How to find gradient of tangent to circle x^2+y^2=1 at given point using implicit differentiation

Differentiating a function or relation where y cannot be made the subject of the formula explicitly requires a method of differentiation called "implicit differentiation".

The theory behind it is quite simple and is based the idea that d/dx (y) is dy/dx or y'. If y is part of a composite function, a product or a quotient then the chain, product or quotient rules may be applied to differentiate terms containing y.

In this example, we are asked for the gradient of the tangent to the circle x^2 + y^2 = 1 at the point (cos 70°, sin 70°), correct to the 3 significant figures.

Technically, y cannot be made the subject of the formula explicitly without considering just the positive semicircle. The equation can be differentiated implicitly with ease without the need for taking the square root of 1 - x^2.

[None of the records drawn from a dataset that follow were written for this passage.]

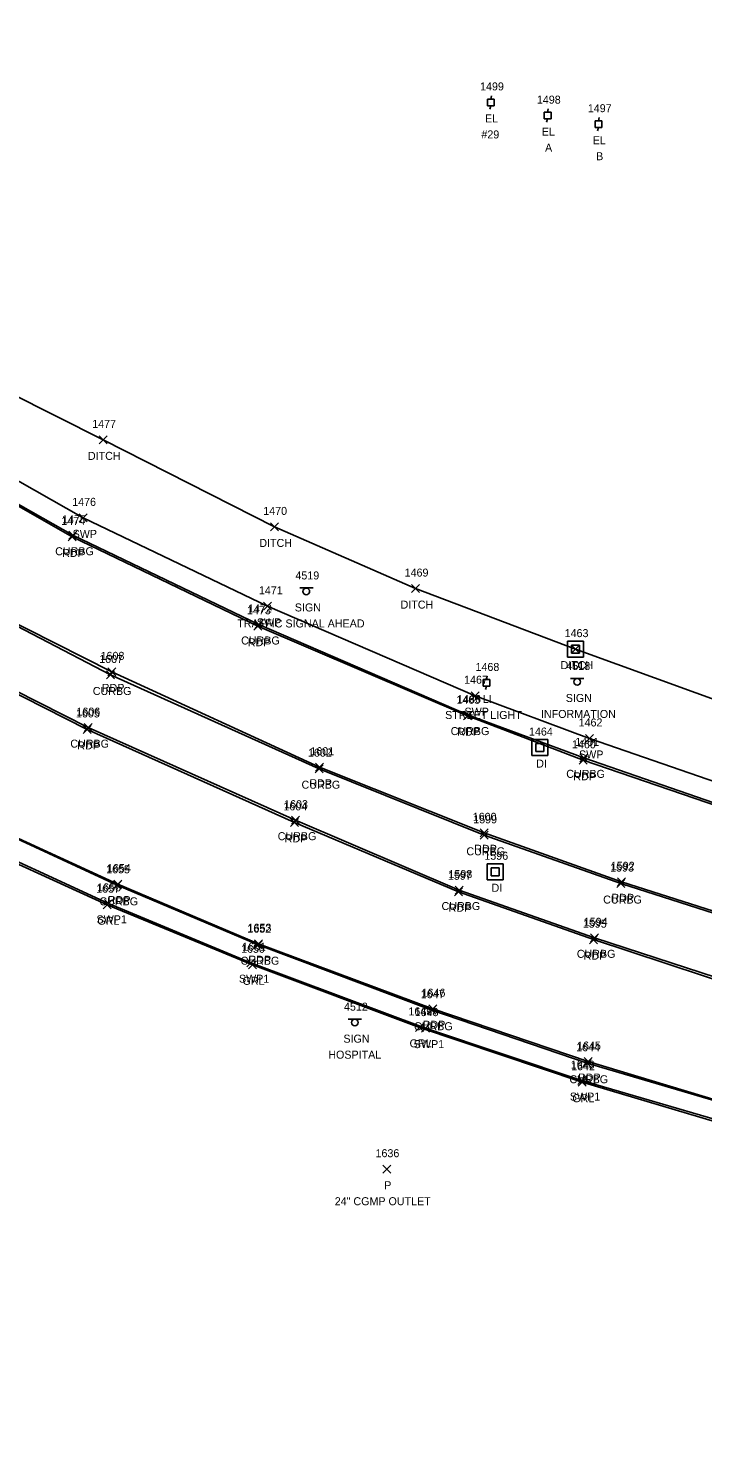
# Model space of a CAD drawing. Extents: x 1690689 to 1696275, y 438760 to 444007.
# Drawn here: x 1692096 to 1692264.7, y 438909.1 to 439260.7 of the extents above; entities that cross this region are included whole.
import ezdxf

# ---------------------------------------------------------------- set-up
doc = ezdxf.new("R2010")
doc.units = 0
for name, color, linetype in [('D_A', 7, 'Continuous'), ('D_C', 7, 'Continuous'), ('D_I', 7, 'Continuous'), ('D_TIC', 7, 'Continuous'), ('DD', 7, 'Continuous'), ('DS', 7, 'Continuous'), ('P_A', 7, 'Continuous'), ('P_I', 7, 'Continuous'), ('P_TIC', 7, 'Continuous'), ('PET', 7, 'Continuous'), ('R_A', 7, 'Continuous'), ('R_I', 7, 'Continuous'), ('R_TIC', 7, 'Continuous'), ('RC', 7, 'Continuous'), ('RGR', 7, 'Continuous'), ('RSW', 7, 'Continuous'), ('S_A', 7, 'Continuous'), ('S_C', 7, 'Continuous'), ('S_I', 7, 'Continuous'), ('SSGN', 7, 'Continuous'), ('U_A', 7, 'Continuous'), ('U_C', 7, 'Continuous'), ('U_I', 7, 'Continuous'), ('UEPT', 7, 'Continuous'), ('ULP', 7, 'Continuous')]:
    doc.layers.add(name, color=color, linetype=linetype)

msp = doc.modelspace()

# ---------------------------------------------------------------- linework, layer by layer
at = {"layer": 'D_TIC'}
for points in [[(1692113.74, 439156.79), (1692115.74, 439158.79)], [(1692115.74, 439156.79), (1692113.74, 439158.79)], [(1692156.57, 439135.03), (1692158.57, 439137.03)], [(1692158.57, 439135.03), (1692156.57, 439137.03)], [(1692191.88, 439119.62), (1692193.88, 439121.62)], [(1692193.88, 439119.62), (1692191.88, 439121.62)], [(1692231.86, 439104.49), (1692233.86, 439106.49)], [(1692233.86, 439104.49), (1692231.86, 439106.49)], [(1692184.65, 438974.51), (1692186.65, 438976.51)], [(1692186.65, 438974.51), (1692184.65, 438976.51)]]:
    msp.add_lwpolyline(points, dxfattribs=at)
at = {"layer": 'DD'}
msp.add_lwpolyline([(1692601.69, 439017.79), (1692563.37, 439021.21), (1692508.43, 439031.44), (1692465.47, 439040.14), (1692415.19, 439051.66), (1692376.4, 439060.91), (1692339.07, 439071.12), (1692282.68, 439087.44), (1692232.86, 439105.49), (1692192.88, 439120.62), (1692157.57, 439136.03), (1692114.74, 439157.79), (1692067.68, 439181.46), (1692012.38, 439226.11), (1692016.4, 439238.61), (1692018.77, 439248.28), (1692013.27, 439253.9), (1692009.52, 439256.4)], dxfattribs=at)
at = {"layer": 'DS'}
for p, q in [((1692230.86, 439107.49), (1692234.86, 439107.49)), ((1692230.86, 439103.49), (1692230.86, 439107.49)), ((1692231.86, 439104.49), (1692231.86, 439106.49)), ((1692231.86, 439106.49), (1692233.86, 439106.49)), ((1692233.86, 439106.49), (1692233.86, 439104.49)), ((1692234.86, 439107.49), (1692234.86, 439103.49)), ((1692234.86, 439103.49), (1692230.86, 439103.49)), ((1692233.86, 439104.49), (1692231.86, 439104.49)), ((1692232.86, 439105.49), (1692232.86, 439105.49)), ((1692232.86, 439105.49), (1692232.86, 439105.49)), ((1692221.95, 439082.89), (1692225.95, 439082.89)), ((1692221.95, 439078.89), (1692221.95, 439082.89)), ((1692222.95, 439079.89), (1692222.95, 439081.89)), ((1692222.95, 439081.89), (1692224.95, 439081.89)), ((1692224.95, 439081.89), (1692224.95, 439079.89)), ((1692225.95, 439082.89), (1692225.95, 439078.89)), ((1692225.95, 439078.89), (1692221.95, 439078.89)), ((1692224.95, 439079.89), (1692222.95, 439079.89)), ((1692223.95, 439080.89), (1692223.95, 439080.89)), ((1692223.95, 439080.89), (1692223.95, 439080.89)), ((1692210.79, 439051.85), (1692214.79, 439051.85)), ((1692210.79, 439047.85), (1692210.79, 439051.85)), ((1692211.79, 439048.85), (1692211.79, 439050.85)), ((1692211.79, 439050.85), (1692213.79, 439050.85)), ((1692212.79, 439049.85), (1692212.79, 439049.85)), ((1692212.79, 439049.85), (1692212.79, 439049.85)), ((1692213.79, 439050.85), (1692213.79, 439048.85)), ((1692214.79, 439051.85), (1692214.79, 439047.85)), ((1692214.79, 439047.85), (1692210.79, 439047.85)), ((1692213.79, 439048.85), (1692211.79, 439048.85))]:
    msp.add_line(p, q, dxfattribs=at)
at = {"layer": 'P_TIC'}
for points in [[(1692106.02, 439132.53), (1692108.02, 439134.53)], [(1692108.02, 439132.53), (1692106.02, 439134.53)], [(1692152.42, 439110.21), (1692154.42, 439112.21)], [(1692154.42, 439110.21), (1692152.42, 439112.21)], [(1692115.96, 439098.81), (1692117.96, 439100.81)], [(1692117.96, 439098.81), (1692115.96, 439100.81)], [(1692204.8, 439087.84), (1692206.8, 439089.84)], [(1692206.8, 439087.84), (1692204.8, 439089.84)], [(1692109.81, 439084.42), (1692111.81, 439086.42)], [(1692111.81, 439084.42), (1692109.81, 439086.42)], [(1692233.78, 439076.7), (1692235.78, 439078.7)], [(1692235.78, 439076.7), (1692233.78, 439078.7)], [(1692167.81, 439074.98), (1692169.81, 439076.98)], [(1692169.81, 439074.98), (1692167.81, 439076.98)], [(1692161.64, 439061.19), (1692163.64, 439063.19)], [(1692163.64, 439061.19), (1692161.64, 439063.19)], [(1692209.04, 439058.59), (1692211.04, 439060.59)], [(1692211.04, 439058.59), (1692209.04, 439060.59)], [(1692117.48, 439045.77), (1692119.48, 439047.77)], [(1692119.48, 439045.77), (1692117.48, 439047.77)], [(1692243.35, 439046.34), (1692245.35, 439048.34)], [(1692245.35, 439046.34), (1692243.35, 439048.34)], [(1692202.62, 439043.85), (1692204.62, 439045.85)], [(1692204.62, 439043.85), (1692202.62, 439045.85)], [(1692152.62, 439030.87), (1692154.62, 439032.87)], [(1692154.62, 439030.87), (1692152.62, 439032.87)], [(1692236.36, 439031.88), (1692238.36, 439033.88)], [(1692238.36, 439031.88), (1692236.36, 439033.88)], [(1692196.17, 439014.62), (1692198.17, 439016.62)], [(1692198.17, 439014.62), (1692196.17, 439016.62)], [(1692234.97, 439001.41), (1692236.97, 439003.41)], [(1692236.97, 439001.41), (1692234.97, 439003.41)]]:
    msp.add_lwpolyline(points, dxfattribs=at)
at = {"layer": 'PET'}
for points in [[(1692506.42, 439007.58), (1692409.86, 439027.99), (1692378.72, 439035.13), (1692333.82, 439046.83), (1692278.1, 439062.9), (1692234.78, 439077.7), (1692205.8, 439088.84), (1692153.42, 439111.21), (1692107.02, 439133.53), (1692055.61, 439162.86), (1692031.29, 439179.06), (1692011.62, 439193.84), (1692002.42, 439202.85), (1692001.04, 439204.48), (1691998.47, 439209.28), (1691996.33, 439214.88), (1691994.6, 439223.82), (1691994.86, 439229.58), (1691997.14, 439239.21), (1692003.46, 439250.16), (1692011.11, 439259.34), (1692010.11, 439260.69)], [(1692765.95, 438921.86), (1692671.87, 438941.97), (1692616.75, 438954.47), (1692587.11, 438960.22), (1692543.54, 438967.18), (1692506.54, 438970.09), (1692469.43, 438975.08), (1692419.94, 438983.98), (1692360.97, 438996.85), (1692305.33, 439011.12), (1692283.25, 439017.76), (1692237.36, 439032.88), (1692203.62, 439044.85), (1692162.64, 439062.19), (1692110.81, 439085.42), (1692073.76, 439104.17), (1692029.3, 439128.96), (1692004.08, 439144.9), (1691989.31, 439154.72), (1691981.95, 439161.75), (1691978.54, 439168.17), (1691978.42, 439170.83), (1691980.54, 439171.6)], [(1692767.64, 438925.55), (1692673.48, 438945.69), (1692617.32, 438957.74), (1692543.2, 438973.83), (1692470.55, 438989.57), (1692418.41, 439000.55), (1692365.96, 439012.47), (1692309.7, 439026.97), (1692288.49, 439033.25), (1692244.35, 439047.34), (1692210.04, 439059.59), (1692168.81, 439075.98), (1692116.96, 439099.81), (1692081.46, 439117.73), (1692037.17, 439142.63), (1692008.65, 439160.43), (1691998.95, 439166.12), (1691980.54, 439171.6)], [(1692485.07, 438945.57), (1692435.03, 438955.4), (1692385.23, 438965.25), (1692340.43, 438974.31), (1692296.87, 438984.77), (1692272.43, 438991.45), (1692235.97, 439002.41), (1692197.17, 439015.62), (1692153.62, 439031.87), (1692118.48, 439046.77), (1692081.06, 439063.89), (1692043.59, 439082.96), (1692015.06, 439098.81), (1691980.04, 439119.84), (1691962.57, 439130.66), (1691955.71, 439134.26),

Differentiating implicitly is done by differentiating each term of the equation of the circle with respect to x:

d/dx (x^2) + d/dx (y^2) = d/dx (1) which gives 2x + 2y × y' = 0

Making y' the subject of the formula we obtain y' = -x / y or dy/dx = -x / y.

Substituting in the point of interest into the derivative to the find the gradient of the tangent:

y' = -cos 70° / sin 70° which gives -0.364 (correct to 3 significant figures).